LCRs have remained out of the reach of structural biology methods. The methodologies that we are developing are surpassing this barrier and will enable a detailed understanding of the structural bases of biological and pathological phenomena involving LCRs. Huntingtin, the subject of our study, is arguably the most notable example of the connection between LCRs and pathology. These are the main achievements and how we will exploit them until the end of the project:

- Methods enabling the site-specific isotopic labelling will provide for the first time the clues of the structural/dynamic bases of Huntington’s disease. As initially planned, we will do this by systematically studying Htt versions below (already done), above (H46) and in the pathological threshold (H35).
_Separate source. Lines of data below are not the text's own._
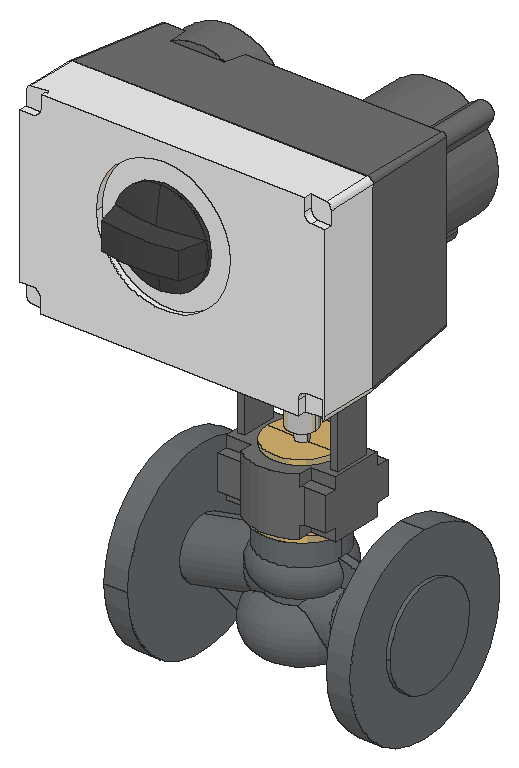
Revit family "VF2_DN15-DN100_AMV(E) 438 SU_RFA_1", category Pipe Accessories, Revit 2019
Family settings
  Round Connector Dimension = Use Diameter
  Part Type = Valve - Breaks Into
  OmniClass Number = 23.65.55.14.17
  OmniClass Title = Adjusting/Controlling Valves for Liquid Services
  Work Plane-Based = No
  Always vertical = Yes
  Cut with Voids When Loaded = No
  Shared = No
Parameters (values of type "VF2_DN15_Kv0.63_065Z0271")
  W = if(DN > 32 mm, D_Flange, 137.6 mm)  # 137.6 mm
  Voltage = if(Actuator Type = [082H0123], 230 V, 24 V)  # 24 V
  Power = if(Actuator Type = [082H0121], 14 VA, 12 VA)  # 14 VA
  Nominal Pressure = "PN 16"  # constant formula
  LE1_100 = 20 mm
  LE_100 = 10 mm
  L = L2 * 2  # 130 mm
  H2 = if(DN < 100 mm, D_Flange / 2, 197 mm)  # 47.5 mm
  H [instance] = 263 mm
  EXT200 = 38 mm
  DN15 to DN50 = if(and(DN > 10 mm, DN < 65 mm), 1 = 1, 1 = 0)  # yes
  D1 = DN * 2  # 30 mm
  L_Top = 3 mm
  V_SMALL LOD 200 = if(and(LOD 200, DN < 100 mm), 1 = 1, 1 = 0)  # no
  V2 = if(DN > 50 mm, 1 = 1, 1 = 0)  # no
  RB2 = 1 mm
  RB = 1 mm
  L_EXT = 80 mm
  L_100 = 25 mm
  HS_100 = 0 mm
  H_Revolve Bottom = 27 mm
  ang2D [instance] = 0.00°
  Weight = 1.93 kg
  W2 = 16 mm
  W1 = 17 mm
  Valve Body Material = Danfoss Grey Iron
  V_SMALL = if(and(LOD 350, DN < 100 mm), 1 = 1, 1 = 0)  # yes
  V_DN100 = if(and(LOD 350, DN > 80 mm), 1 = 1, 1 = 0)  # no
  Use Minimum Symbol Size [instance] = no
  URL = "https://store.danfoss.com/en/Climate-Solutions-for-heating/Motorised-Control-Valves-/Globe-Valves/Valves-for-Heating-and-Cooling/c/4105?q=%3Arelevance%3Adanfoss_a50461501115_fts%3ATA1_1501116%3Adanfoss_a1015338478.nominal%3A15.0%3Adanfoss_a1015338478.nominal%3A20.0%3Adanfoss_a1015338478.nominal%3A25.0%3Adanfoss_a1015338478.nominal%3A32.0%3Adanfoss_a1015338478.nominal%3A40.0%3Adanfoss_a1015338478.nominal%3A65.0%3Adanfoss_a1015338478.nominal%3A80.0%3Adanfoss_a1015338478.nominal%3A100.0%3Adanfoss_producttypehierarchydesc%3A5400cdf7baa9ad208c624ef817a9da6cf34051a9&page=0&pageSize=20"
  Stroke = "10 mm"
  R_Arc = 30 mm
  R_Top = 12.5 mm
  R_Flow Pipe = 15 mm
  R2_Revolve = 6 mm
  R1_Revolve = 9 mm
  RT3 = 12.5 mm
  RT2 = 15.5 mm
  RT1_1 = 16 mm
  RT1 = 20.5 mm
  Pressure Drop [instance] = 0.0 bar
  Offset Flow Pipe_1 = 7 mm
  Offset Flow Pipe_2 = 6.47 mm
  Model Type = "VF2_DN15_Kv0.63"
  Model = "065Z0271"
  Min Medium Temperature = "-10 °C"  # constant formula
  Max Medium Temperature = "130 °C"  # constant formula
  Manufacturer = "Danfoss"  # constant formula
  L_S = 48 mm
  LOD 350 = not(LOD 200)  # yes
  LOD 200 = no
  L2 = 65 mm
  Kvs = 0.63 m³/h
  IfcExportType = "VF2"  # constant formula
  IfcExportAs = "IfcValveType"  # constant formula
  H_Revolve Top = 23 mm
  H1 = 85 mm
  HE_100 = 3 mm
  HE1 = 54.5 mm
  HE = 0 mm
  HB2 = 1 mm
  HB1 = 25 mm
  HB = 20 mm
  HE2 = 31 mm
  Flow [instance] = 0.0 m³/h
  EXT2 = 20 mm
  D_Connection End = 50 mm
  D_Flange = 95 mm
  Extrusion Top 2 = 5 mm
  Extrusion Top = 22 mm
  Extrusion Bottom = 26 mm
  EXT1 = -50 mm
  Description = "Motorized Control Valve"  # constant formula
  DN = 15 mm
  D = DN  # 15 mm
  Connection = "Flange"  # constant formula
  Depth C__ve = -Depth C  # -2.5 mm
  Depth Flange_ve = -Depth_Flange  # -12 mm
  Depth_Flange = 12 mm
  Depth C = 2.5 mm
  Adapter assembly = 1.3 mm
  Arc_100 = 10 mm
  Adapter Type = Adapter_AMV(E)_RFA : Adapter_AMV(E) 15(25)(35)_DN15-50_065Z0311
  Actuator Type = AMV(E) 438 SU_RFA : AME 438 SU_24V_082H0121
  A_Flow Pipe = 166.00°
  A2_2 = 0.00°
  A2 = 30.00°
  A3 = 16.00°
  A1_Flow Pipe = 168.00°
  A1 = 19 mm
  082H0123 = AMV(E) 438 SU_RFA : AMV 438 SU_230V_082H0123
  082H0121 = AMV(E) 438 SU_RFA : AME 438 SU_24V_082H0121
Reference planes
  plane 1 "Center (Front/Back)": y = 0
  plane 2 "XYPLANE": z = 0
  plane 3 "Center (Left/Right)": x = 0
  plane 4 "108": x = -62.5
  plane 5 "107": x = 65
  plane 6 "106": x = -65
  plane 7 "105": y = 0
  plane 8 "104": z = 0
  plane 9 "103": x = 0
  plane 10 "101": z = 85
  plane 11 "1": x = 62.5
  plane 12 "X1": z = 31
  plane 13 "X2": z = 31
  plane 14 "3": z = 54.5
  plane 15: z = 81.5
  plane 16: z = 79.5
  plane 17: x = 3
  plane 18: z = -26
  plane 19: z = -7
  plane 20: z = 22
  plane 21 "y1": x = 17.5
  plane 22: z = 5
  plane 23: x = 48
  plane 24: x = -16
  plane 25: x = -17
  plane 26: x = 12.5
  plane 27: x = -12.5
  plane 28: x = -2.5
  plane 29: x = 2.5
  plane 30: y = -12.5
  plane 31: y = 12.5
  plane 32: y = 2.5
  plane 33: y = -2.5
  plane 34 "HB": z = -20
  plane 35: z = -25
  plane 36 "HB2": z = -26
  plane 37: x = -12.5
  plane 38: x = 12.5
  plane 39: y = 12.5
  plane 40: y = -12.5
  plane 41: x = 20
  plane 42: x = 10
  plane 43: y = -47.5
  plane 44: y = 47.5
  plane 45 "Assembly plane": z = 32.3
  plane 46: z = -47.5
Forms (mm)
  Extrusion 1, solid, material "Danfoss Grey Iron" <- "Valve Body Material", detail levels fine
    sketch origin (-65, -750, 0) x (0, 1, 0) y (0, 0, 1)
      loop
        circle (750, 0) r 25
    from 0 to 2.5 <- "Depth C"
  Extrusion 2, solid, material "Danfoss Grey Iron" <- "Valve Body Material", detail levels fine
    sketch origin (65, -750, 0) x (0, 1, 0) y (0, 0, 1)
      loop
        circle (750, 0) r 25
    from 0 to -2.5 <- "Depth C__ve"
  Extrusion 3, solid, material "Danfoss Grey Iron" <- "Valve Body Material", detail levels fine
    sketch origin (0, 0, 0) x (1, 0, 0) y (0, 1, 0)
      loop
        circle (0, 0) r 20.5
      loop
        circle (0, 0) r 16
    from 20 <- "EXT2" to 31 <- "HE2"
  Extrusion 4, solid, not visible
    sketch origin (65, -750, 0) x (0, 1, 0) y (0, 0, 1)
      loop
        circle (750, 0) r 10
    from 0 to -10
  Extrusion 5, solid, not visible
    sketch origin (-65, -750, 0) x (0, 1, 0) y (0, 0, 1)
      loop
        circle (750, 0) r 10
    from 0 to 10
  Extrusion 6, solid, material "Danfoss Grey Iron" <- "Valve Body Material", detail levels fine
    sketch origin (-62.5, -750, 0) x (0, 1, 0) y (0, 0, 1)
      loop
        circle (750, 0) r 47.5
    from 0 to 12 <- "Depth_Flange"
  Extrusion 7, solid, material "Danfoss Grey Iron" <- "Valve Body Material", detail levels fine
    sketch origin (62.5, 0, 0) x (0, 0, 1) y (0, -1, 0)
      loop
        circle (0, 0) r 47.5
    from 0 to -12 <- "Depth Flange_ve"
  Extrusion 8, solid, material "Danfoss Brass", detail levels fine
    sketch origin (0, 0, 31) x (-1, 0, 0) y (0, -1, 0)
      loop
        circle (0, 0) r 15.5
    from 0 to -9
  Extrusion 9, solid, material "Danfoss Grey Iron" <- "Valve Body Material", visible <- "LOD 350", detail levels fine
    sketch origin (0, 0, 0) x (1, 0, 0) y (0, 0, 1)
      loop
        line (-50.5, -7) -> (-17.591, -26) -> (0, -26) -> (0, 0) -> (-50.5, 0) -> (-50.5, -7)
    from -4 to 4
  Revolve 10, solid, material "Danfoss Grey Iron" <- "Valve Body Material", visible <- "V_SMALL LOD 200", detail levels fine
    sketch origin (0, 0, 0) x (1, 0, 0) y (0, 0, 1)
      loop
        line (0, 30) -> (0, -30)
        arc (0, -30) -> (21.213, -21.213) -> (30, 0) r 30
        arc (30, 0) -> (21.213, 21.213) -> (0, 30) r 30
      axis (0, 30) -> (0, -30)
    angle from 0 to 360
  Revolve 11, solid, material "Danfoss Stainless Steel AISI 304 / AISI 316L", detail levels fine
    sketch origin (0, 0, 0) x (1, 0, 0) y (0, 0, 1)
      loop
        line (0, 54.5) -> (3, 54.5) -> (3, 79.5) -> (2, 79.5) -> (2, 81.5) -> (3, 81.5) -> (3, 82.495) -> (1.246, 85) -> (0, 85) -> (0, 54.5)
      axis (0, 85) -> (0, 54.5)
    angle from 0 to 360
  Sweep 12, solid, material "Danfoss Grey Iron" <- "Valve Body Material", detail levels fine
    path origin (0, 0, 0) x (1, 0, 0) y (0, 0, 1)
      loop
        line (-65, 0) -> (-50.5, 0) -> (-17.568, 7) -> (0, 7)
    profile origin (-57.75, 0, 0) x (0, 0, 1) y (0, -1, 0)
      loop
        circle (0, 0) r 15
  Sweep 13, solid, material "Danfoss Grey Iron" <- "Valve Body Material", detail levels fine
    path origin (0, 0, 0) x (1, 0, 0) y (0, 0, 1)
      loop
        line (69.52, 0) -> (52.304, 0) -> (26.352, -6.47) -> (0, -6.47)
    profile origin (60.912, 0, 0) x (0, 0, -1) y (0, -1, 0)
      loop
        circle (0, 0) r 15
  Extrusion 14, solid, material "Danfoss Brass", detail levels fine
    sketch origin (0, 0, 31) x (-1, 0, 0) y (0, -1, 0)
      loop
        circle (0, 0) r 12.5
    from 0 to 23.5
  Extrusion 15, solid, material "Danfoss Grey Iron" <- "Valve Body Material", visible <- "LOD 350", detail levels fine
    sketch origin (0, 0, 0) x (1, 0, 0) y (0, 0, 1)
      loop
        line (17.5, 5) -> (50.5, 5) -> (50.5, 12.537) -> (17.5, 22) -> (17.5, 5)
    from -2.5 to 2.5
  Extrusion 16, void
    sketch origin (0, 0, 0) x (1, 0, 0) y (0, 0, 1)
      loop
        line (65, -40) -> (105, -40) -> (105, 22) -> (65, 22) -> (65, -40)
    from -48.024 to 48.024
  Revolve 17, solid, material "Danfoss Grey Iron" <- "Valve Body Material", visible <- "V_SMALL", detail levels fine
    sketch origin (0, 0, 0) x (1, 0, 0) y (0, 0, 1)
      loop
        line (0, -27) -> (0, 23) -> (-17, 23)
        arc (-17, 23) -> (-22.986, 12.847) -> (-16, 3.354) r 10.695
        line (-16, 3.354) -> (-16, 0)
        arc (-16, 0) -> (-25.99, -13.149) -> (-17, -27) r 14.357
        line (-17, -27) -> (0, -27)
      axis (0, 23) -> (0, -27)
    angle from 0 to 360
  Extrusion 18, solid, material "Danfoss Grey Iron" <- "Valve Body Material", visible <- "V_DN100", detail levels fine
    sketch origin (0, 0, 0) x (1, 0, 0) y (0, 1, 0)
      loop
        arc (-2.5, 12.5) -> (-9.571, 9.571) -> (-12.5, 2.5) r 10
        line (-12.5, 2.5) -> (-12.5, -2.5)
        arc (-12.5, -2.5) -> (-9.571, -9.571) -> (-2.5, -12.5) r 10
        line (-2.5, -12.5) -> (2.5, -12.5)
        arc (2.5, -12.5) -> (9.571, -9.571) -> (12.5, -2.5) r 10
        line (12.5, -2.5) -> (12.5, 2.5)
        arc (12.5, 2.5) -> (9.571, 9.571) -> (2.5, 12.5) r 10
        line (2.5, 12.5) -> (-2.5, 12.5)
    from 0 <- "HS_100" to 3 <- "HE_100"
  Extrusion 19, solid, material "Danfoss Grey Iron" <- "Valve Body Material", visible <- "V2", detail levels fine
    sketch origin (0, 0, -20) x (-1, 0, 0) y (0, -1, 0)
      loop
        circle (0, 0) r 1
    from 0 to -5
  Extrusion 20, solid, material "Danfoss Grey Iron" <- "Valve Body Material", visible <- "V2", detail levels fine
    sketch origin (0, 0, -26) x (-1, 0, 0) y (0, -1, 0)
      loop
        circle (0, 0) r 1
    from 0 to 1 <- "HB2"
  Extrusion 21, solid, material "Danfoss Grey Iron" <- "Valve Body Material", visible <- "LOD 200", detail levels fine
    sketch origin (0, 0, 0) x (1, 0, 0) y (0, 1, 0)
      loop
        line (12.5, 12.5) -> (-12.5, 12.5) -> (-12.5, -12.5) -> (12.5, -12.5) -> (12.5, 12.5)
    from 0 <- "HS_100" to 3 <- "HE_100"
  Extrusion 22, solid, material "Danfoss Grey Iron" <- "Valve Body Material", visible <- "V_DN100", detail levels fine
    sketch origin (0, 0, 0) x (1, 0, 0) y (0, 0, 1)
      loop
        line (0, 0) -> (0, -26) -> (10, -26) -> (20, -26) -> (20, 0) -> (0, 0)
    from -4 to 4
  Extrusion 23, solid, material "Danfoss Grey Iron" <- "Valve Body Material", detail levels fine
    sketch origin (0, 0, 31) x (-1, 0, 0) y (0, -1, 0)
      loop
        circle (0, 0) r 12.5
    from -9 to 0 <- "HE"
Cuts and joins
  Extrusion 16 cuts Extrusion 4
  Extrusion 16 cuts Extrusion 2
  Extrusion 16 cuts Sweep 13
  joined: Extrusion 2, Sweep 13
Lines and regions (mm)
  reference lines, not visible
    curve 1: circle (2, 2, 0) r 1 normal (0, 0, 1)
Dimensions and locks
  plane 1 "Center (Front/Back)" to curve 1 = 2 mm
  "Depth C": plane 6 "106" to plane 4 "108"
  "L2": plane 3 "Center (Left/Right)" to plane 5 "107"
  "L2": plane 3 "Center (Left/Right)" to plane 6 "106"
  locked: plane 1 "Center (Front/Back)" to plane 7 "105"
  locked: plane 2 "XYPLANE" to plane 8 "104"
  locked: plane 3 "Center (Left/Right)" to plane 9 "103"
  "Depth C": plane 11 "1" to plane 5 "107"
  "HE2": plane 12 "X1" to level
  "HE": plane 13 "X2" to plane 12 "X1"
  "H1": plane 10 "101" to level
  "HE1": plane 14 "3" to level
  plane 15 to plane 16 = 2 mm
  plane 10 "101" to plane 15 = 3.5 mm
  plane 17 to plane 9 "103" = 3 mm
  Revolve 11 sketch curve to Revolve 11 sketch curve = 1 mm  (x2)
  Revolve 11 sketch curve to Revolve 11 sketch curve = 0.995 mm
  "Offset Flow Pipe_1": Sweep 12 sketch curve to Sweep 12 sketch curve
  plane 5 "107" to plane 6 "106" = 130 mm
  "Extrusion Bottom": level to plane 18
  "A1": plane 19 to plane 18
  Extrusion 9 sketch curve to plane 18 = 0 mm
  Extrusion 9 sketch curve to plane 19 = 0 mm
  "Offset Flow Pipe_2": Extrusion 9 to Sweep 13 sketch curve
  Sweep 13 sketch curve to Sweep 13 sketch curve = 26.352 mm
  "Extrusion Top": plane 20 to level
  "Extrusion Top 2": plane 22 to level
  Extrusion 15 sketch curve to plane 20 = 0 mm
  Extrusion 16 sketch curve to plane 5 "107" = 40 mm
  "L_S": plane 23 to plane 3 "Center (Left/Right)"
  "W2": plane 3 "Center (Left/Right)" to plane 24
  Revolve 17 sketch curve to Revolve 17 sketch curve = 3.354 mm
  "R2_Revolve": plane 25 to Revolve 17 sketch curve
  "H_Revolve Bottom": level to Revolve 17 sketch curve
  "H_Revolve Top": Revolve 17 sketch curve to level
  "L_Top": plane 17 to plane 9 "103"
  "L_100": plane 27 to plane 26
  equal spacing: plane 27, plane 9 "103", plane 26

- The developments performed to site-specifically label glutamine and proline have prompted us to span the panel of natural amino acids amenable to this kind of incorporation. We expect these developments that will be performed in the second part of the project to be a breakthrough in structural biology as multiple biologically relevant systems will be addressable for structural biologists.

- Along the project we have developed efficient cell-free methods for the in vitro synthesis of Htt variants. Now we want to exploit this achievement to produce Htt versions with different deuteration schemes (Gln, Pro, Gln+Pro…) to obtain domain specific structural information using Small-Angle Neutron Scattering (SANS). I have contacted experts at the Institute Laue-Langevin (ILL-Grenoble) to co-supervise a PhD student starting in 2019.

One of the main problems in the characterization of IDPs is the need for extensive experimental data to derive accurate structural models, and the inability of purely theoretical methods to achieve this aim. We have developed an approach based in a coil library that overcomes previous limitations and enables the construction of accurate ensemble models of IDPs embedding partially structured regions. In the future we will use this tool for several objectives:

- A server will be built and made available to all the community for the generation of accurate ensembles of IDPs from protein sequences.

- The ensembles built with this approach will be used to structurally characterize Htt by integrating the experimental data that will be produced along the project.

- Structural models built with this approach will be used as starting points to build conformation transition pathways with the robotics-inspired algorithm (multi-TRRT) that we are developing with Juan Cortés (LAAS-Toulouse).